Nust test is not so difficult ... last year i scored 83% in NET but my fsc marks was not good enough to get admission.... over all test is very easy... 5 to 6 question was definations ... so take it easy... if you have good fsc marks you can get admission easily... If you have 950+ marks in Fsc your chances is 75% so try it youu will be happy to see the test... just concentrate only one question.... a lot of time there ...i completed my test before 30 mint of finishing time.... so take it easy...

- - - Updated - - -

Dear students try to study plant portion of biology... espacially 9th chapter... last year at least 15 question was from plant question pinus plant and life cycles ... i will pray for every student .. best of luck... and entry test will be on september 28( not conferm....)


----------



## annie khan (Nov 10, 2012)

Amna Amir said:


> well i havnt started my prep yet..  as i am preparing for NET -1 ... actually just trying, i am not prepared for nust .. .. ohh its difficult to learn the 100% syllabi alongwith intelligence portion ... the bitter thing is that Eng would come out of syllabi..
> its just tention for me more than a chance to get into mbbs..
> and this tention has made me ill physcally as well as mentally
> 
> ...


any information about mcat syllabus 2013 ??
and kips test will start after regular session.
Last year,a month before mcat they start test session.

- - - Updated - - -



saqib_ali said:


> Nust test is not so difficult ... last year i scored 83% in NET but my fsc marks was not good enough to get admission.... over all test is very easy... 5 to 6 question was definations ... so take it easy... if you have good fsc marks you can get admission easily... If you have 950+ marks in Fsc your chances is 75% so try it youu will be happy to see the test... just concentrate only one question.... a lot of time there ...i completed my test before 30 mint of finishing time.... so take it easy...
> 
> - - - Updated - - -
> 
> Dear students try to study plant portion of biology... espacially 9th chapter... last year at least 15 question was from plant question pinus plant and life cycles ... i will pray for every student .. best of luck... and entry test will be on september 28( not conferm....)


- - - Updated - - -



saqib_ali said:


> Nust test is not so difficult ... last year i scored 83% in NET but my fsc marks was not good enough to get admission.... over all test is very easy... 5 to 6 question was definations ... so take it easy... if you have good fsc marks you can get admission easily... If you have 950+ marks in Fsc your chances is 75% so try it youu will be happy to see the test... just concentrate only one question.... a lot of time there ...i completed my test before 30 mint of finishing time.... so take it easy...
> 
> is nust test beneficial?
> I heard for girls, nust mcat is not so good because it has few seats for girls and
> ...


----------



## aadi (Aug 31, 2012)

Amna Amir said:


> nope i am just repeating m cat
> well i secured 920 i fsc . but just 885 in m cat ...
> :!: nust is impossible as i have described earlier..
> 
> ...


my marks are 924 in fsc but only 830 in mcat... kips test session starts after mcat session last time it was in august..well you will join only test session not regular session?because i am thinking of joining regular session...test session of kips is not very good..


----------



## annie khan (Nov 10, 2012)

aadi said:


> my marks are 924 in fsc but only 830 in mcat... kips test session starts after mcat session last time it was in august..well you will join only test session not regular session?because i am thinking of joining regular session...test session of kips is not very good..

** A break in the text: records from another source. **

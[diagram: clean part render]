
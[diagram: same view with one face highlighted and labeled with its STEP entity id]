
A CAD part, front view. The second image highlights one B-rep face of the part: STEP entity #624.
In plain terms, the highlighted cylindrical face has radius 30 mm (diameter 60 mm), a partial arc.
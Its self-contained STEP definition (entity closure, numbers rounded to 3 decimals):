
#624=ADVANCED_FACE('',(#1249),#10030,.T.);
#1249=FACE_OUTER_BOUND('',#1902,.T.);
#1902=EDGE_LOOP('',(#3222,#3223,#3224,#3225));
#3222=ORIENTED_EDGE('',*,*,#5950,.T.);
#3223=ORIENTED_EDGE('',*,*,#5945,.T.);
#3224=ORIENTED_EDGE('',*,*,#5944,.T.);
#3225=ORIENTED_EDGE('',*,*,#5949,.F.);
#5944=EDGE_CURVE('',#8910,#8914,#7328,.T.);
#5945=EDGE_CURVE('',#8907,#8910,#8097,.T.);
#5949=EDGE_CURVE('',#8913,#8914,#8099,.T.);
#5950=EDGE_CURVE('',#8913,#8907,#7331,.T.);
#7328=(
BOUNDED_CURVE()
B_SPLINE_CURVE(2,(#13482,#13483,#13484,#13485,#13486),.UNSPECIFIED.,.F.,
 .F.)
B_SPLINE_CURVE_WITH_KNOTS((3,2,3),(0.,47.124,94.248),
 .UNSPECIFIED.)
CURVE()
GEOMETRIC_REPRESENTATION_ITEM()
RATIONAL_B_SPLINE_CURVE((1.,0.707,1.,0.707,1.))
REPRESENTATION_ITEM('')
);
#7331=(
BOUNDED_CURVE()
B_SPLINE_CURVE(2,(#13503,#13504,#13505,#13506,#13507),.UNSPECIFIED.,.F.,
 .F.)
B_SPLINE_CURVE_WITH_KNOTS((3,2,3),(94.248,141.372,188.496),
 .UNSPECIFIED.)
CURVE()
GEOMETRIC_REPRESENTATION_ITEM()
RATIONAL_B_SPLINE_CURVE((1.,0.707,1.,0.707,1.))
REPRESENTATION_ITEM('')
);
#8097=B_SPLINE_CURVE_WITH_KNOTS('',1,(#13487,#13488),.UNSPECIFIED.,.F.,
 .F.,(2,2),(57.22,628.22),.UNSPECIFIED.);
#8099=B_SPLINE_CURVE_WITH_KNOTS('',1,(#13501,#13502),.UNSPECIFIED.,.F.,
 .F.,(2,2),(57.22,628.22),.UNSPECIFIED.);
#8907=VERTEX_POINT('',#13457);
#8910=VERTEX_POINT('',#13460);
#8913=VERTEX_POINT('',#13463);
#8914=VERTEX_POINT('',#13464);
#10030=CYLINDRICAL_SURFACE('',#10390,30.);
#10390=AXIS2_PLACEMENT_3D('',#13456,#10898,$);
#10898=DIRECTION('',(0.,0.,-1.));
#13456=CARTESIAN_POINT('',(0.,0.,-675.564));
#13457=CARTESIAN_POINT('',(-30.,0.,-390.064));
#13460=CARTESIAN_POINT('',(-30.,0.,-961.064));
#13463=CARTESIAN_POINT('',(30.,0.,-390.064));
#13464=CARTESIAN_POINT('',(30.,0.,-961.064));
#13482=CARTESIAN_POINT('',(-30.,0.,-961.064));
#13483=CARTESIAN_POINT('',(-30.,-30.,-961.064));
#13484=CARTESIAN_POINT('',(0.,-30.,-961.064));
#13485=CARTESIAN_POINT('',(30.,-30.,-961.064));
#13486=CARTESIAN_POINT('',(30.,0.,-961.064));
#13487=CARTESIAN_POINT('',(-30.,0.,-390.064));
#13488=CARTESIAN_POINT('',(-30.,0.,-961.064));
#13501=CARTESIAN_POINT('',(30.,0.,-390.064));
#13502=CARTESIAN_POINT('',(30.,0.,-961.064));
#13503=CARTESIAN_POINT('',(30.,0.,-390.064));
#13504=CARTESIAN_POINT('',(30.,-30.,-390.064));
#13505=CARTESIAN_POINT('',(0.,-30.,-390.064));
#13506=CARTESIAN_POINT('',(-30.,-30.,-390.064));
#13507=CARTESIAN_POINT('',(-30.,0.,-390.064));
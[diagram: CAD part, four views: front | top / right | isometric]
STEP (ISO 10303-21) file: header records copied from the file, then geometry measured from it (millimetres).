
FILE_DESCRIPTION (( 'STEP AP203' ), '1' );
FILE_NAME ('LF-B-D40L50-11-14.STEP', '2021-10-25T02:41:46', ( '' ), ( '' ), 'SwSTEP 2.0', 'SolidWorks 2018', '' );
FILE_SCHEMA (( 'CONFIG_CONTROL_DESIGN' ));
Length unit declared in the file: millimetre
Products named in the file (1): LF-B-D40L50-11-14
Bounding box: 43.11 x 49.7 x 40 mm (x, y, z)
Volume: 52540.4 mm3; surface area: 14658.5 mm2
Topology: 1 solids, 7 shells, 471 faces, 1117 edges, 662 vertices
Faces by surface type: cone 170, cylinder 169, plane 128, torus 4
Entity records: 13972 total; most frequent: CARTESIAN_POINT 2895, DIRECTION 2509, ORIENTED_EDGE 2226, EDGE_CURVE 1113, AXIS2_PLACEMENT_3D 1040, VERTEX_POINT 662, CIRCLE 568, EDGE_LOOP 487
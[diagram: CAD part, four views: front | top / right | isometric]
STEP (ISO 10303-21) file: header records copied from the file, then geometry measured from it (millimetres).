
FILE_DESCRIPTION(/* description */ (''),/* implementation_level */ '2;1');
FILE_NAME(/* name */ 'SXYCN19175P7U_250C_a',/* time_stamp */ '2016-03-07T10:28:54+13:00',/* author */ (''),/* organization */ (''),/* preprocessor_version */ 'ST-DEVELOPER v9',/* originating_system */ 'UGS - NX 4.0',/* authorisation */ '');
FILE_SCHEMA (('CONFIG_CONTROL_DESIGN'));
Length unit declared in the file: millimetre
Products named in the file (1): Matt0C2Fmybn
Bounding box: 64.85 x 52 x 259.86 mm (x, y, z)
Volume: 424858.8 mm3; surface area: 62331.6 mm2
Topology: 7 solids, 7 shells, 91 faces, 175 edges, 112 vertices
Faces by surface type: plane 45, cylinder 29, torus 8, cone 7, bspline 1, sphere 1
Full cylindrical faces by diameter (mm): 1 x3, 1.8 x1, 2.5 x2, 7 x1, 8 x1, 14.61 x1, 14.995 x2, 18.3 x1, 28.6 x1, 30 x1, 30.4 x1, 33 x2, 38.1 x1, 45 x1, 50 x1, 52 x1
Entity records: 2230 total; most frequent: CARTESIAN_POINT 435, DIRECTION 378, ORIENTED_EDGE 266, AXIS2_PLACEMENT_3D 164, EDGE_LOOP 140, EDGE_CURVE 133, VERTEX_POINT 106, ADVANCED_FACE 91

well,kips regular session is not good too.I joined it last year and it was not helpful.
Minimum marks I scored in mcat was due to my prep. at home,not at kips.
I suggest u not to join regular session.Try another academy.I dont know about
test session at kips.


----------



## Amna Amir (Apr 1, 2013)

aadi said:


> my marks are 924 in fsc but only 830 in mcat... kips test session starts after mcat session last time it was in august..well you will join only test session not regular session?because i am thinking of joining regular session...test session of kips is not very good..


 i plan to join regular session in starz . after it i will just stick to books all time before exam .. i thought incase if i need then i will join test session at kips.. i heard fro someone that for regular sssion starz is awsome and for test session kips is the best..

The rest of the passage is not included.